Le Conseil d’Etat annule les trois arrêtés, déniant toute compétence au maire en la matière, que ce soit au titre de son pouvoir de police générale, ou au nom du principe de précaution.

 

Une compétence exclusive des services de l’Etat

Le conseil d’Etat rappelle en premier lieu que la police spéciale des communications électroniques est confiée à l’Etat :

 
pour concilier les impératifs de santé publique et de couverture du territoire par les réseaux de communication, "le législateur a confié aux seules autorités qu’il a désignées, c’est-à-dire au ministre chargé des communications électroniques, à l’Autorité de régulation des communications électroniques et des postes (ARCEP) et à l’Agence nationale des fréquences (ANFR), le soin de déterminer, de manière complète, les modalités d’implantation des stations radioélectriques sur l’ensemble du territoire ainsi que les mesures de protection du public contre les effets des ondes qu’elles émettent".
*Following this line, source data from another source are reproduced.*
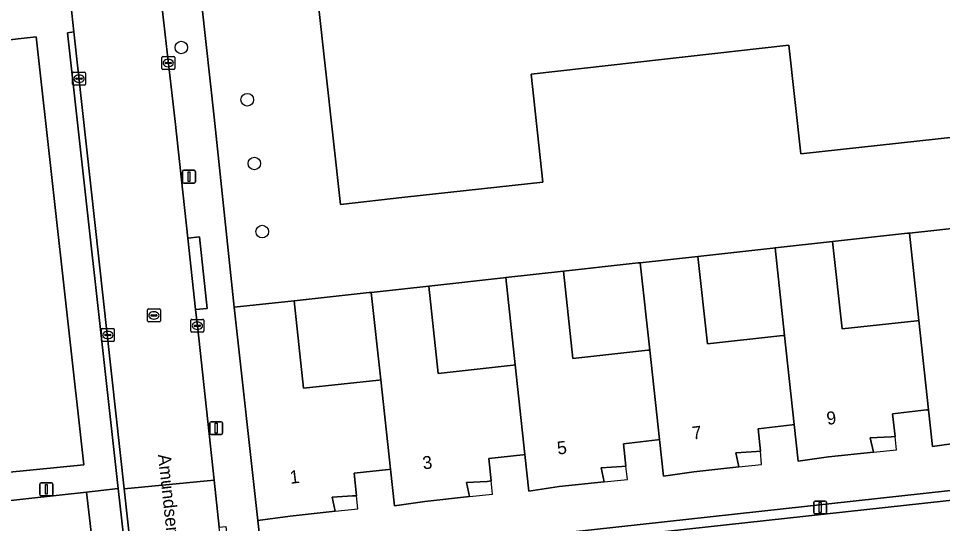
# Model space of a CAD drawing. Extents: x 161248 to 161848, y 384871 to 385383.
# Drawn here: x 161322.9 to 161394.3, y 385161 to 385200.1 of the extents above; entities that cross this region are included whole.
import ezdxf

# ---------------------------------------------------------------- set-up
doc = ezdxf.new("R2010")
doc.units = 0
for name, color, linetype in [('IMGEO_Boom', 7, 'Continuous'), ('IMGEO_Erf', 7, 'Continuous'), ('IMGEO_Kolk', 7, 'Continuous'), ('IMGEO_Lichtmast', 7, 'Continuous'), ('IMGEO_Openbare_ruimte_label', 7, 'Continuous'), ('IMGEO_Pand', 7, 'Continuous'), ('IMGEO_Pand_nummerreeks', 7, 'Continuous'), ('IMGEO_Pand_overbouw', 7, 'Continuous'), ('IMGEO_Rijbaan_lokaal_open', 7, 'Continuous'), ('IMGEO_Rioolput', 7, 'Continuous'), ('IMGEO_Voetpad_open', 7, 'Continuous')]:
    doc.layers.add(name, color=color, linetype=linetype)

msp = doc.modelspace()

# ---------------------------------------------------------------- linework, layer by layer
at = {"layer": 'IMGEO_Boom'}
for centre in [(161335.451, 385197.848), (161340.545, 385193.807), (161341.095, 385188.878), (161341.701, 385183.61)]:
    msp.add_circle(centre, 0.489, dxfattribs=at)
at = {"layer": 'IMGEO_Erf'}
for points in [[(161337.042, 385201.126), (161337.996, 385192.452), (161339.547, 385177.756), (161344.167, 385178.254), (161349.972, 385178.893), (161350.131, 385178.911), (161354.573, 385179.402), (161360.366, 385180.039), (161360.525, 385180.056), (161364.985, 385180.545), (161370.771, 385181.192), (161370.93, 385181.209), (161375.383, 385181.692), (161381.191, 385182.33), (161381.35, 385182.348), (161385.798, 385182.842), (161391.585, 385183.483), (161391.744, 385183.5), (161396.212, 385183.986)], [(161398.94, 385191.336), (161393.97, 385190.79), (161383.334, 385189.623), (161382.412, 385198.032), (161362.486, 385195.783), (161363.403, 385187.435), (161352.721, 385186.262), (161347.75, 385185.717), (161346.037, 385201.322)], [(161395.885, 385167.336), (161393.526, 385167.003), (161393.22, 385169.836), (161393.061, 385169.818), (161390.435, 385169.518), (161390.627, 385167.777), (161390.314, 385167.741), (161388.71, 385167.652), (161388.965, 385166.554), (161385.488, 385166.19), (161383.139, 385165.855), (161382.832, 385168.686), (161382.673, 385168.668), (161380.045, 385168.365), (161380.213, 385166.637), (161379.921, 385166.605), (161378.33, 385166.504), (161378.557, 385165.42), (161375.077, 385165.037), (161372.725, 385164.709), (161372.418, 385167.527), (161372.259, 385167.509), (161369.629, 385167.21), (161369.827, 385165.484), (161369.507, 385165.454), (161367.904, 385165.349), (161368.132, 385164.263), (161364.663, 385163.905), (161362.321, 385163.547), (161362.014, 385166.369), (161361.855, 385166.352), (161359.227, 385166.073), (161359.406, 385164.345), (161359.083, 385164.293), (161357.493, 385164.211), (161357.727, 385163.12), (161354.269, 385162.742), (161351.923, 385162.397), (161351.615, 385165.238), (161351.456, 385165.221), (161348.823, 385164.941), (161348.996, 385163.19), (161348.696, 385163.166), (161347.1, 385163.076), (161347.342, 385161.981), (161343.854, 385161.606), (161341.369, 385161.26), (161341.751, 385157.774), (161414.901, 385165.791)]]:
    msp.add_lwpolyline(points, dxfattribs=at)
for points in [[(161391.744, 385183.5), (161391.585, 385183.483), (161385.798, 385182.842), (161386.549, 385176.083), (161392.321, 385176.723), (161392.474, 385176.74)], [(161381.35, 385182.348), (161381.191, 385182.33), (161375.383, 385181.692), (161376.116, 385174.932), (161381.942, 385175.572), (161382.083, 385175.588)], [(161370.93, 385181.209), (161370.771, 385181.192), (161364.985, 385180.545), (161365.726, 385173.786), (161371.504, 385174.432), (161371.665, 385174.45)], [(161360.525, 385180.056), (161360.366, 385180.039), (161354.573, 385179.402), (161355.319, 385172.643), (161361.107, 385173.279), (161361.26, 385173.296)], [(161350.131, 385178.911), (161349.972, 385178.893), (161344.167, 385178.254), (161344.896, 385171.493), (161350.717, 385172.135), (161350.865, 385172.151)]]:
    msp.add_lwpolyline(points, close=True, dxfattribs=at)
at = {"layer": 'IMGEO_Kolk'}
for p, q in [((161333.937, 385196.219), (161333.937, 385197.071)), ((161334.012, 385197.145), (161334.864, 385197.145)), ((161334.196, 385196.639), (161334.196, 385196.651)), ((161334.634, 385196.602), (161334.236, 385196.602)), ((161334.239, 385196.688), (161334.637, 385196.688)), ((161334.425, 385196.925), (161334.45, 385196.925)), ((161334.68, 385196.651), (161334.68, 385196.639)), ((161334.938, 385197.071), (161334.938, 385196.219)), ((161327.046, 385195.008), (161327.046, 385195.86)), ((161327.121, 385195.934), (161327.973, 385195.934)), ((161328.047, 385195.86), (161328.047, 385195.008)), ((161334.864, 385196.145), (161334.012, 385196.145)), ((161334.448, 385196.365), (161334.423, 385196.365)), ((161327.305, 385195.428), (161327.305, 385195.44)), ((161327.743, 385195.391), (161327.345, 385195.391)), ((161327.348, 385195.477), (161327.746, 385195.477)), ((161327.557, 385195.154), (161327.532, 385195.154)), ((161327.534, 385195.714), (161327.559, 385195.714)), ((161327.789, 385195.44), (161327.789, 385195.428)), ((161327.973, 385194.934), (161327.121, 385194.934)), ((161336.192, 385175.901), (161336.192, 385176.753)), ((161336.267, 385176.827), (161337.119, 385176.827)), ((161336.68, 385176.607), (161336.705, 385176.607)), ((161337.193, 385176.753), (161337.193, 385175.901)), ((161329.269, 385175.193), (161329.269, 385176.045)), ((161329.344, 385176.119), (161330.196, 385176.119)), ((161329.757, 385175.899), (161329.782, 385175.899)), ((161330.27, 385176.045), (161330.27, 385175.193)), ((161337.119, 385175.827), (161336.267, 385175.827)), ((161336.451, 385176.321), (161336.451, 385176.333)), ((161336.889, 385176.284), (161336.491, 385176.284)), ((161336.494, 385176.37), (161336.892, 385176.37)), ((161336.703, 385176.047), (161336.678, 385176.047)), ((161336.935, 385176.333), (161336.935, 385176.321)), ((161330.196, 385175.119), (161329.344, 385175.119)), ((161329.528, 385175.613), (161329.528, 385175.625)), ((161329.966, 385175.576), (161329.568, 385175.576)), ((161329.571, 385175.662), (161329.969, 385175.662)), ((161329.78, 385175.339), (161329.755, 385175.339)), ((161330.012, 385175.625), (161330.012, 385175.613))]:
    msp.add_line(p, q, dxfattribs=at)
for points in [[(161333.937, 385196.219), (161333.937, 385197.071)], [(161334.012, 385197.145), (161334.864, 385197.145)], [(161334.938, 385197.071), (161334.938, 385196.219)], [(161327.046, 385195.008), (161327.046, 385195.86)], [(161327.121, 385195.934), (161327.973, 385195.934)], [(161328.047, 385195.86), (161328.047, 385195.008)], [(161334.864, 385196.145), (161334.012, 385196.145)], [(161327.973, 385194.934), (161327.121, 385194.934)], [(161336.192, 385175.901), (161336.192, 385176.753)], [(161336.267, 385176.827), (161337.119, 385176.827)], [(161337.193, 385176.753), (161337.193, 385175.901)], [(161329.269, 385175.193), (161329.269, 385176.045)], [(161329.344, 385176.119), (161330.196, 385176.119)], [(161330.27, 385176.045), (161330.27, 385175.193)], [(161337.119, 385175.827), (161336.267, 385175.827)], [(161330.196, 385175.119), (161329.344, 385175.119)]]:
    msp.add_lwpolyline(points, dxfattribs=at)
for centre, radius, start, end in [((161334.014, 385197.069), 0.0765, 91.55205, 178.44795), ((161334.014, 385197.069), 0.0765, 91.55205, 178.44795), ((161334.236, 385196.648), 0.0403, 85.87752, 175.75265), ((161334.233, 385196.638), 0.0366, 178.93798, 274.71019), ((161334.637, 385196.645), 0.043, 264.86636, 352.45326), ((161334.641, 385196.65), 0.0386, 1.73085, 96.63898), ((161334.862, 385197.069), 0.0765, 1.55205, 88.44795), ((161334.862, 385197.069), 0.0765, 1.55205, 88.44795), ((161327.123, 385195.858), 0.0765, 91.55205, 178.44795), ((161327.123, 385195.858), 0.0765, 91.55205, 178.44795), ((161327.971, 385195.858), 0.0765, 1.55205, 88.44795), ((161327.971, 385195.858), 0.0765, 1.55205, 88.44795), ((161334.014, 385196.221), 0.0765, 181.55205, 268.44795), ((161334.014, 385196.221), 0.0765, 181.55205, 268.44795), ((161334.862, 385196.221), 0.0765, 271.55205, 358.44795), ((161334.862, 385196.221), 0.0765, 271.55205, 358.44795), ((161327.345, 385195.437), 0.0403, 85.87752, 175.75265), ((161327.342, 385195.427), 0.0366, 178.93798, 274.71019), ((161327.746, 385195.434), 0.043, 264.86636, 352.45326), ((161327.75, 385195.439), 0.0386, 1.73085, 96.63898), ((161327.123, 385195.01), 0.0765, 181.55205, 268.44795), ((161327.123, 385195.01), 0.0765, 181.55205, 268.44795), ((161327.971, 385195.01), 0.0765, 271.55205, 358.44795), ((161327.971, 385195.01), 0.0765, 271.55205, 358.44795), ((161336.269, 385176.751), 0.0765, 91.55205, 178.44795), ((161336.269, 385176.751), 0.0765, 91.55205, 178.44795), ((161337.117, 385176.751), 0.0765, 1.55205, 88.44795), ((161337.117, 385176.751), 0.0765, 1.55205, 88.44795), ((161329.346, 385176.043), 0.0765, 91.55205, 178.44795), ((161329.346, 385176.043), 0.0765, 91.55205, 178.44795), ((161330.194, 385176.043), 0.0765, 1.55205, 88.44795), ((161330.194, 385176.043), 0.0765, 1.55205, 88.44795), ((161336.269, 385175.903), 0.0765, 181.55205, 268.44795), ((161336.269, 385175.903), 0.0765, 181.55205, 268.44795), ((161336.491, 385176.33), 0.0403, 85.87752, 175.75265), ((161336.488, 385176.32), 0.0366, 178.93798, 274.71019), ((161336.892, 385176.327), 0.043, 264.86636, 352.45326), ((161336.896, 385176.332), 0.0386, 1.73085, 96.63898), ((161337.117, 385175.903), 0.0765, 271.55205, 358.44795), ((161337.117, 385175.903), 0.0765, 271.55205, 358.44795), ((161329.346, 385175.195), 0.0765, 181.55205, 268.44795), ((161329.346, 385175.195), 0.0765, 181.55205, 268.44795), ((161329.568, 385175.622), 0.0403, 85.87752, 175.75265), ((161329.565, 385175.612), 0.0366, 178.93798, 274.71019), ((161329.969, 385175.619), 0.043, 264.86636, 352.45326), ((161329.973, 385175.624), 0.0386, 1.73085, 96.63898), ((161330.194, 385175.195), 0.0765, 271.55205, 358.44795), ((161330.194, 385175.195), 0.0765, 271.55205, 358.44795)]:
    msp.add_arc(centre, radius, start, end, dxfattribs=at)
for centre, major_axis, ratio, start_param, end_param in [((161334.424, 385196.645), (-0.387, 0.002), 0.722429, 4.712389, 7.853982), ((161334.449, 385196.645), (-0.39, 0.002), 0.717154, 1.570796, 4.712389), ((161327.533, 385195.434), (-0.387, 0.002), 0.722429, 4.712389, 7.853982), ((161327.558, 385195.434), (-0.39, 0.002), 0.717154, 1.570796, 4.712389), ((161336.679, 385176.327), (-0.387, 0.002), 0.722429, 4.712389, 7.853982), ((161336.704, 385176.327), (-0.39, 0.002), 0.717154, 1.570796, 4.712389), ((161329.756, 385175.619), (-0.387, 0.002), 0.722429, 4.712389, 7.853982), ((161329.781, 385175.619), (-0.39, 0.002), 0.717154, 1.570796, 4.712389)]:
    msp.add_ellipse(centre, major_axis=major_axis, ratio=ratio, start_param=start_param, end_param=end_param, dxfattribs=at)
at = {"layer": 'IMGEO_Lichtmast'}
for p, q in [((161335.547, 385187.463), (161335.547, 385188.263)), ((161335.547, 385188.263), (161335.547, 385187.463)), ((161335.647, 385188.363), (161336.437, 385188.363)), ((161336.437, 385188.363), (161335.647, 385188.363)), ((161336.537, 385188.263), (161336.537, 385187.463)), ((161336.537, 385187.463), (161336.537, 385188.263)), ((161336.437, 385187.363), (161335.647, 385187.363)), ((161335.647, 385187.363), (161336.437, 385187.363)), ((161337.649, 385168.012), (161337.649, 385168.812)), ((161337.649, 385168.812), (161337.649, 385168.012)), ((161337.749, 385168.912), (161338.539, 385168.912)), ((161338.539, 385168.912), (161337.749, 385168.912)), ((161338.639, 385168.812), (161338.639, 385168.012)), ((161338.639, 385168.012), (161338.639, 385168.812)), ((161338.539, 385167.912), (161337.749, 385167.912)), ((161337.749, 385167.912), (161338.539, 385167.912)), ((161324.52, 385163.278), (161324.52, 385164.078)), ((161324.52, 385164.078), (161324.52, 385163.278)), ((161324.62, 385164.178), (161325.41, 385164.178)), ((161325.41, 385164.178), (161324.62, 385164.178)), ((161325.51, 385164.078), (161325.51, 385163.278)), ((161325.51, 385163.278), (161325.51, 385164.078)), ((161325.41, 385163.178), (161324.62, 385163.178)), ((161324.62, 385163.178), (161325.41, 385163.178)), ((161384.342, 385161.877), (161384.342, 385162.677)), ((161384.342, 385162.677), (161384.342, 385161.877)), ((161384.442, 385162.777), (161385.232, 385162.777)), ((161385.232, 385162.777), (161384.442, 385162.777)), ((161385.332, 385162.677), (161385.332, 385161.877)), ((161385.332, 385161.877), (161385.332, 385162.677)), ((161385.232, 385161.777), (161384.442, 385161.777)), ((161384.442, 385161.777), (161385.232, 385161.777))]:
    msp.add_line(p, q, dxfattribs=at)
for points in [[(161335.967, 385188.238), (161336.117, 385188.238), (161336.117, 385187.488), (161335.967, 385187.488), (161335.967, 385188.238)], [(161338.069, 385168.787), (161338.219, 385168.787), (161338.219, 385168.037), (161338.069, 385168.037), (161338.069, 385168.787)], [(161324.94, 385164.053), (161325.09, 385164.053), (161325.09, 385163.303), (161324.94, 385163.303), (161324.94, 385164.053)], [(161384.762, 385162.652), (161384.912, 385162.652), (161384.912, 385161.902), (161384.762, 385161.902), (161384.762, 385162.652)]]:
    msp.add_lwpolyline(points, dxfattribs=at)
for centre, start, end in [((161335.647, 385188.263), 90, 180), ((161335.647, 385188.263), 90, 180), ((161336.437, 385188.263), 0, 90), ((161336.437, 385188.263), 360, 90), ((161335.647, 385187.463), 180, 270), ((161335.647, 385187.463), 180, 270), ((161336.437, 385187.463), 270, 0), ((161336.437, 385187.463), 270, 0), ((161337.749, 385168.812), 90, 180), ((161337.749, 385168.812), 90, 180), ((161338.539, 385168.812), 0, 90), ((161338.539, 385168.812), 360, 90), ((161337.749, 385168.012), 180, 270), ((161337.749, 385168.012), 180, 270), ((161338.539, 385168.012), 270, 0), ((161338.539, 385168.012), 270, 0), ((161324.62, 385164.078), 90, 180), ((161324.62, 385164.078), 90, 180), ((161325.41, 385164.078), 0, 90), ((161325.41, 385164.078), 360, 90), ((161324.62, 385163.278), 180, 270), ((161324.62, 385163.278), 180, 270), ((161325.41, 385163.278), 270, 0), ((161325.41, 385163.278), 270, 0), ((161384.442, 385162.677), 90, 180), ((161384.442, 385162.677), 90, 180), ((161385.232, 385162.677), 0, 90), ((161385.232, 385162.677), 360, 90), ((161384.442, 385161.877), 180, 270), ((161384.442, 385161.877), 180, 270), ((161385.232, 385161.877), 270, 0), ((161385.232, 385161.877), 270, 0)]:
    msp.add_arc(centre, 0.1, start, end, dxfattribs=at)
at = {"layer": 'IMGEO_Pand'}
msp.add_lwpolyline([(161346.037, 385201.322), (161347.75, 385185.717), (161352.721, 385186.262), (161363.403, 385187.435), (161362.486, 385195.783), (161382.412, 385198.032), (161383.334, 385189.623), (161393.97, 385190.79), (161398.94, 385191.336)], dxfattribs=at)
for points in [[(161402.139, 385184.643), (161401.98, 385184.625), (161402.725, 385177.866), (161396.948, 385177.226), (161396.212, 385183.986), (161391.744, 385183.5), (161392.474, 385176.74), (161393.22, 385169.836), (161393.526, 385167.003), (161395.885, 385167.336), (161399.358, 385167.712), (161399.123, 385168.803), (161400.714, 385168.901), (161401.024, 385168.918), (161400.824, 385170.684), (161403.479, 385170.951), (161403.638, 385170.967)], [(161392.474, 385176.74), (161392.321, 385176.723), (161386.549, 385176.083), (161385.798, 385182.842), (161381.35, 385182.348), (161382.083, 385175.588), (161382.832, 385168.686), (161383.139, 385165.855), (161385.488, 385166.19), (161388.965, 385166.554), (161388.71, 385167.652), (161390.314, 385167.741), (161390.627, 385167.777), (161390.435, 385169.518), (161393.061, 385169.818), (161393.22, 385169.836)], [(161382.083, 385175.588), (161381.942, 385175.572), (161376.116, 385174.932), (161375.383, 385181.692), (161370.93, 385181.209), (161371.665, 385174.45), (161372.418, 385167.527), (161372.725, 385164.709), (161375.077, 385165.037), (161378.557, 385165.42), (161378.33, 385166.504), (161379.921, 385166.605), (161380.213, 385166.637), (161380.045, 385168.365), (161382.673, 385168.668), (161382.832, 385168.686)], [(161371.665, 385174.45), (161371.504, 385174.432), (161365.726, 385173.786), (161364.985, 385180.545), (161360.525, 385180.056), (161361.26, 385173.296), (161362.014, 385166.369), (161362.321, 385163.547), (161364.663, 385163.905), (161368.132, 385164.263), (161367.904, 385165.349), (161369.507, 385165.454), (161369.827, 385165.484), (161369.629, 385167.21), (161372.259, 385167.509), (161372.418, 385167.527)], [(161361.26, 385173.296), (161361.107, 385173.279), (161355.319, 385172.643), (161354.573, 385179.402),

Incompétence du maire au titre de son pouvoir de police générale

Le Conseil d’Etat en déduit que le maire ne peut réglementer de manière générale l’implantation d’antennes de téléphonie mobile sur la commune, sans porter atteinte aux prérogatives de police spéciale confiées à l’Etat :

 
si les articles L. 2212‑1 et L. 2212‑2 du code général des collectivités territoriales habilitent le maire à prendre les mesures de police générale nécessaires au bon ordre, à la sûreté, à la sécurité et à la salubrité publiques, celui-ci ne saurait, sans porter atteinte aux pouvoirs de police spéciale conférés aux autorités de l’Etat, adopter sur le territoire de la commune une réglementation portant sur l’implantation des antennes relais de téléphonie mobile et destinée à protéger le public contre les effets des ondes émises par ces antennes".
 

Peu importe, à cet égard, que le législateur ait prévu une information des maires, à leur demande, de l’état des installations radioélectriques exploitées sur le territoire de la commune. Le maire ne saurait en effet aller à l’encontre des pouvoirs de police spéciale attribués aux autorités nationales, "qui reposent sur un niveau d’expertise et peuvent être assortis de garanties indisponibles au plan local".

 

Impossibilité d’invoquer le principe de précaution

Le Conseil d’Etat dénie enfin au maire le droit d’invoquer en la matière le principe de précaution.

 

En effet ce principe, "s’il est applicable à toute autorité publique dans ses domaines d’attributions, ne saurait avoir ni pour objet ni pour effet de permettre à une autorité publique d’excéder son champ de compétence et d’intervenir en dehors de ses domaines d’attributions".

 

Un maire ne peut ainsi intervenir au motif "que les valeurs limites d’exposition du public aux champs électromagnétiques fixées au niveau national ne prendraient pas suffisamment en compte les exigences posées par le principe de précaution".

 

Et le Conseil d’Etat d’en conclure que :

 
le maire ne peut, ni au titre de ses pouvoirs de police générale ni en se fondant sur le principe de précaution, adopter une réglementation portant sur l’implantation des antennes relais de téléphonie mobile et destinée à protéger le public contre les effets des ondes émises par ces antennes".